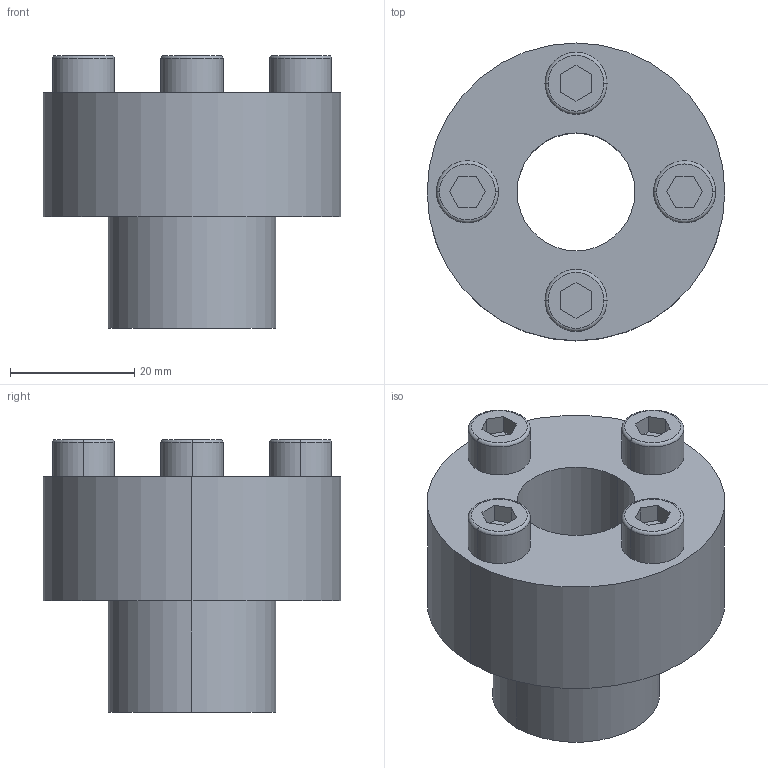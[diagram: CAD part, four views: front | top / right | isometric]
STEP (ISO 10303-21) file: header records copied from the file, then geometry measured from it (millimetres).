
FILE_DESCRIPTION (( 'STEP AP203' ), '1' );
FILE_NAME ('PL-C 19-27.STEP', '2021-10-22T08:29:56', ( '' ), ( '' ), 'SwSTEP 2.0', 'SolidWorks 2018', '' );
FILE_SCHEMA (( 'CONFIG_CONTROL_DESIGN' ));
Length unit declared in the file: millimetre
Products named in the file (1): PL-C 19-27
Bounding box: 48 x 48 x 44 mm (x, y, z)
Volume: 37341.6 mm3; surface area: 10797.4 mm2
Topology: 1 solids, 1 shells, 57 faces, 130 edges, 84 vertices
Faces by surface type: plane 35, cylinder 14, torus 8
Entity records: 1685 total; most frequent: DIRECTION 290, CARTESIAN_POINT 272, ORIENTED_EDGE 260, EDGE_CURVE 130, AXIS2_PLACEMENT_3D 102, LINE 86, VECTOR 86, VERTEX_POINT 84
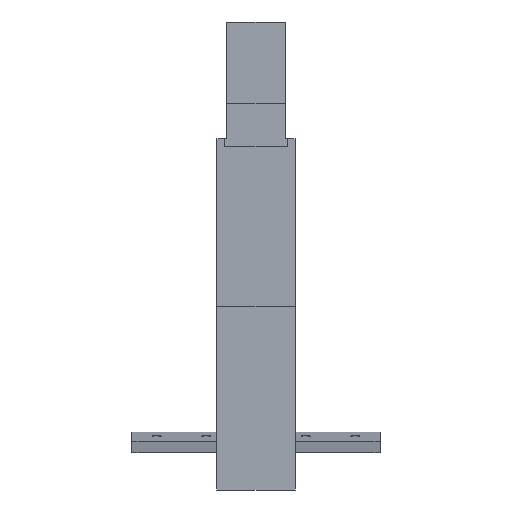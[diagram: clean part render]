
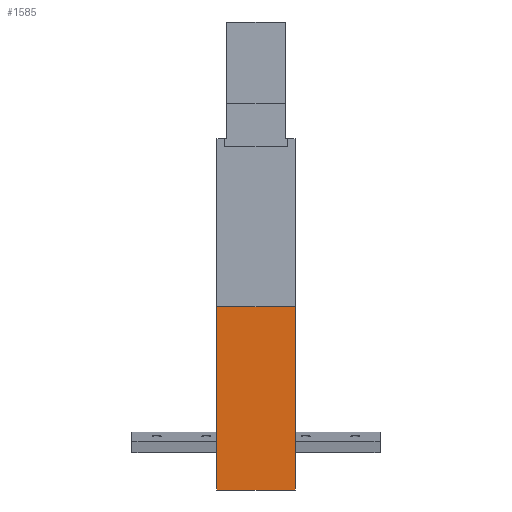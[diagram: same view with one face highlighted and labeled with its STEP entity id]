
A CAD part, left-side view. The second image highlights one B-rep face of the part: STEP entity #1585.
In plain terms, the highlighted planar face has unit normal (-1, 0, 0).
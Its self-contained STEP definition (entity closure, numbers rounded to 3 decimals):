
#125 = PLANE('',#126);
#126 = AXIS2_PLACEMENT_3D('',#127,#128,#129);
#127 = CARTESIAN_POINT('',(-18.088,14.2,-161.762));
#128 = DIRECTION('',(-0.,-1.,-0.));
#129 = DIRECTION('',(0.,0.,-1.));
#262 = PLANE('',#263);
#263 = AXIS2_PLACEMENT_3D('',#264,#265,#266);
#264 = CARTESIAN_POINT('',(-18.088,54.2,-161.762));
#265 = DIRECTION('',(-0.,-1.,-0.));
#266 = DIRECTION('',(0.,0.,-1.));
#498 = EDGE_CURVE('',#499,#501,#503,.T.);
#499 = VERTEX_POINT('',#500);
#500 = CARTESIAN_POINT('',(-34.,14.2,-112.));
#501 = VERTEX_POINT('',#502);
#502 = CARTESIAN_POINT('',(-34.,14.2,-205.873));
#503 = SURFACE_CURVE('',#504,(#508,#515),.PCURVE_S1.);
#504 = LINE('',#505,#506);
#505 = CARTESIAN_POINT('',(-34.,14.2,-112.));
#506 = VECTOR('',#507,1.);
#507 = DIRECTION('',(0.,0.,-1.));
#508 = PCURVE('',#125,#509);
#509 = DEFINITIONAL_REPRESENTATION('',(#510),#514);
#510 = LINE('',#511,#512);
#511 = CARTESIAN_POINT('',(-49.762,-15.912));
#512 = VECTOR('',#513,1.);
#513 = DIRECTION('',(1.,0.));
#514 = ( GEOMETRIC_REPRESENTATION_CONTEXT(2) 
PARAMETRIC_REPRESENTATION_CONTEXT() REPRESENTATION_CONTEXT('2D SPACE',''
  ) );
#515 = PCURVE('',#516,#521);
#516 = PLANE('',#517);
#517 = AXIS2_PLACEMENT_3D('',#518,#519,#520);
#518 = CARTESIAN_POINT('',(-34.,54.2,-112.));
#519 = DIRECTION('',(1.,0.,0.));
#520 = DIRECTION('',(0.,0.,-1.));
#521 = DEFINITIONAL_REPRESENTATION('',(#522),#526);
#522 = LINE('',#523,#524);
#523 = CARTESIAN_POINT('',(0.,-40.));
#524 = VECTOR('',#525,1.);
#525 = DIRECTION('',(1.,0.));
#526 = ( GEOMETRIC_REPRESENTATION_CONTEXT(2) 
PARAMETRIC_REPRESENTATION_CONTEXT() REPRESENTATION_CONTEXT('2D SPACE',''
  ) );
#544 = PLANE('',#545);
#545 = AXIS2_PLACEMENT_3D('',#546,#547,#548);
#546 = CARTESIAN_POINT('',(-34.,54.2,-205.873));
#547 = DIRECTION('',(-0.026,0.,1.));
#548 = DIRECTION('',(1.,0.,0.026));
#782 = PLANE('',#783);
#783 = AXIS2_PLACEMENT_3D('',#784,#785,#786);
#784 = CARTESIAN_POINT('',(-40.,14.2,-112.));
#785 = DIRECTION('',(0.,0.,1.));
#786 = DIRECTION('',(1.,0.,0.));
#1212 = EDGE_CURVE('',#1213,#1215,#1217,.T.);
#1213 = VERTEX_POINT('',#1214);
#1214 = CARTESIAN_POINT('',(-34.,54.2,-112.));
#1215 = VERTEX_POINT('',#1216);
#1216 = CARTESIAN_POINT('',(-34.,54.2,-205.873));
#1217 = SURFACE_CURVE('',#1218,(#1222,#1229),.PCURVE_S1.);
#1218 = LINE('',#1219,#1220);
#1219 = CARTESIAN_POINT('',(-34.,54.2,-112.));
#1220 = VECTOR('',#1221,1.);
#1221 = DIRECTION('',(0.,0.,-1.));
#1222 = PCURVE('',#262,#1223);
#1223 = DEFINITIONAL_REPRESENTATION('',(#1224),#1228);
#1224 = LINE('',#1225,#1226);
#1225 = CARTESIAN_POINT('',(-49.762,-15.912));
#1226 = VECTOR('',#1227,1.);
#1227 = DIRECTION('',(1.,0.));
#1228 = ( GEOMETRIC_REPRESENTATION_CONTEXT(2) 
PARAMETRIC_REPRESENTATION_CONTEXT() REPRESENTATION_CONTEXT('2D SPACE',''
  ) );
#1229 = PCURVE('',#516,#1230);
#1230 = DEFINITIONAL_REPRESENTATION('',(#1231),#1235);
#1231 = LINE('',#1232,#1233);
#1232 = CARTESIAN_POINT('',(0.,0.));
#1233 = VECTOR('',#1234,1.);
#1234 = DIRECTION('',(1.,0.));
#1235 = ( GEOMETRIC_REPRESENTATION_CONTEXT(2) 
PARAMETRIC_REPRESENTATION_CONTEXT() REPRESENTATION_CONTEXT('2D SPACE',''
  ) );
#1585 = ADVANCED_FACE('',(#1586),#516,.F.);
#1586 = FACE_BOUND('',#1587,.F.);
#1587 = EDGE_LOOP('',(#1588,#1609,#1610,#1631));
#1588 = ORIENTED_EDGE('',*,*,#1589,.T.);
#1589 = EDGE_CURVE('',#1213,#499,#1590,.T.);
#1590 = SURFACE_CURVE('',#1591,(#1595,#1602),.PCURVE_S1.);
#1591 = LINE('',#1592,#1593);
#1592 = CARTESIAN_POINT('',(-34.,54.2,-112.));
#1593 = VECTOR('',#1594,1.);
#1594 = DIRECTION('',(0.,-1.,0.));
#1595 = PCURVE('',#516,#1596);
#1596 = DEFINITIONAL_REPRESENTATION('',(#1597),#1601);
#1597 = LINE('',#1598,#1599);
#1598 = CARTESIAN_POINT('',(0.,0.));
#1599 = VECTOR('',#1600,1.);
#1600 = DIRECTION('',(0.,-1.));
#1601 = ( GEOMETRIC_REPRESENTATION_CONTEXT(2) 
PARAMETRIC_REPRESENTATION_CONTEXT() REPRESENTATION_CONTEXT('2D SPACE',''
  ) );
#1602 = PCURVE('',#782,#1603);
#1603 = DEFINITIONAL_REPRESENTATION('',(#1604),#1608);
#1604 = LINE('',#1605,#1606);
#1605 = CARTESIAN_POINT('',(6.,40.));
#1606 = VECTOR('',#1607,1.);
#1607 = DIRECTION('',(0.,-1.));
#1608 = ( GEOMETRIC_REPRESENTATION_CONTEXT(2) 
PARAMETRIC_REPRESENTATION_CONTEXT() REPRESENTATION_CONTEXT('2D SPACE',''
  ) );
#1609 = ORIENTED_EDGE('',*,*,#498,.T.);
#1610 = ORIENTED_EDGE('',*,*,#1611,.F.);
#1611 = EDGE_CURVE('',#1215,#501,#1612,.T.);
#1612 = SURFACE_CURVE('',#1613,(#1617,#1624),.PCURVE_S1.);
#1613 = LINE('',#1614,#1615);
#1614 = CARTESIAN_POINT('',(-34.,54.2,-205.873));
#1615 = VECTOR('',#1616,1.);
#1616 = DIRECTION('',(0.,-1.,0.));
#1617 = PCURVE('',#516,#1618);
#1618 = DEFINITIONAL_REPRESENTATION('',(#1619),#1623);
#1619 = LINE('',#1620,#1621);
#1620 = CARTESIAN_POINT('',(93.873,0.));
#1621 = VECTOR('',#1622,1.);
#1622 = DIRECTION('',(0.,-1.));
#1623 = ( GEOMETRIC_REPRESENTATION_CONTEXT(2) 
PARAMETRIC_REPRESENTATION_CONTEXT() REPRESENTATION_CONTEXT('2D SPACE',''
  ) );
#1624 = PCURVE('',#544,#1625);
#1625 = DEFINITIONAL_REPRESENTATION('',(#1626),#1630);
#1626 = LINE('',#1627,#1628);
#1627 = CARTESIAN_POINT('',(0.,0.));
#1628 = VECTOR('',#1629,1.);
#1629 = DIRECTION('',(0.,-1.));
#1630 = ( GEOMETRIC_REPRESENTATION_CONTEXT(2) 
PARAMETRIC_REPRESENTATION_CONTEXT() REPRESENTATION_CONTEXT('2D SPACE',''
  ) );
#1631 = ORIENTED_EDGE('',*,*,#1212,.F.);
★ ★ ★
# Work task
Could you write out, exactly as they stand, only the lines above that begin at the line with "#1235 = ( GEOMETRIC_REPRESENTATION_CONTEXT(2)" and stop after the line with "#1608 = ( GEOMETRIC_REPRESENTATION_CONTEXT(2)"?

# Solved exercise
#1235 = ( GEOMETRIC_REPRESENTATION_CONTEXT(2) 
PARAMETRIC_REPRESENTATION_CONTEXT() REPRESENTATION_CONTEXT('2D SPACE',''
  ) );
#1585 = ADVANCED_FACE('',(#1586),#516,.F.);
#1586 = FACE_BOUND('',#1587,.F.);
#1587 = EDGE_LOOP('',(#1588,#1609,#1610,#1631));
#1588 = ORIENTED_EDGE('',*,*,#1589,.T.);
#1589 = EDGE_CURVE('',#1213,#499,#1590,.T.);
#1590 = SURFACE_CURVE('',#1591,(#1595,#1602),.PCURVE_S1.);
#1591 = LINE('',#1592,#1593);
#1592 = CARTESIAN_POINT('',(-34.,54.2,-112.));
#1593 = VECTOR('',#1594,1.);
#1594 = DIRECTION('',(0.,-1.,0.));
#1595 = PCURVE('',#516,#1596);
#1596 = DEFINITIONAL_REPRESENTATION('',(#1597),#1601);
#1597 = LINE('',#1598,#1599);
#1598 = CARTESIAN_POINT('',(0.,0.));
#1599 = VECTOR('',#1600,1.);
#1600 = DIRECTION('',(0.,-1.));
#1601 = ( GEOMETRIC_REPRESENTATION_CONTEXT(2) 
PARAMETRIC_REPRESENTATION_CONTEXT() REPRESENTATION_CONTEXT('2D SPACE',''
  ) );
#1602 = PCURVE('',#782,#1603);
#1603 = DEFINITIONAL_REPRESENTATION('',(#1604),#1608);
#1604 = LINE('',#1605,#1606);
#1605 = CARTESIAN_POINT('',(6.,40.));
#1606 = VECTOR('',#1607,1.);
#1607 = DIRECTION('',(0.,-1.));
#1608 = ( GEOMETRIC_REPRESENTATION_CONTEXT(2) 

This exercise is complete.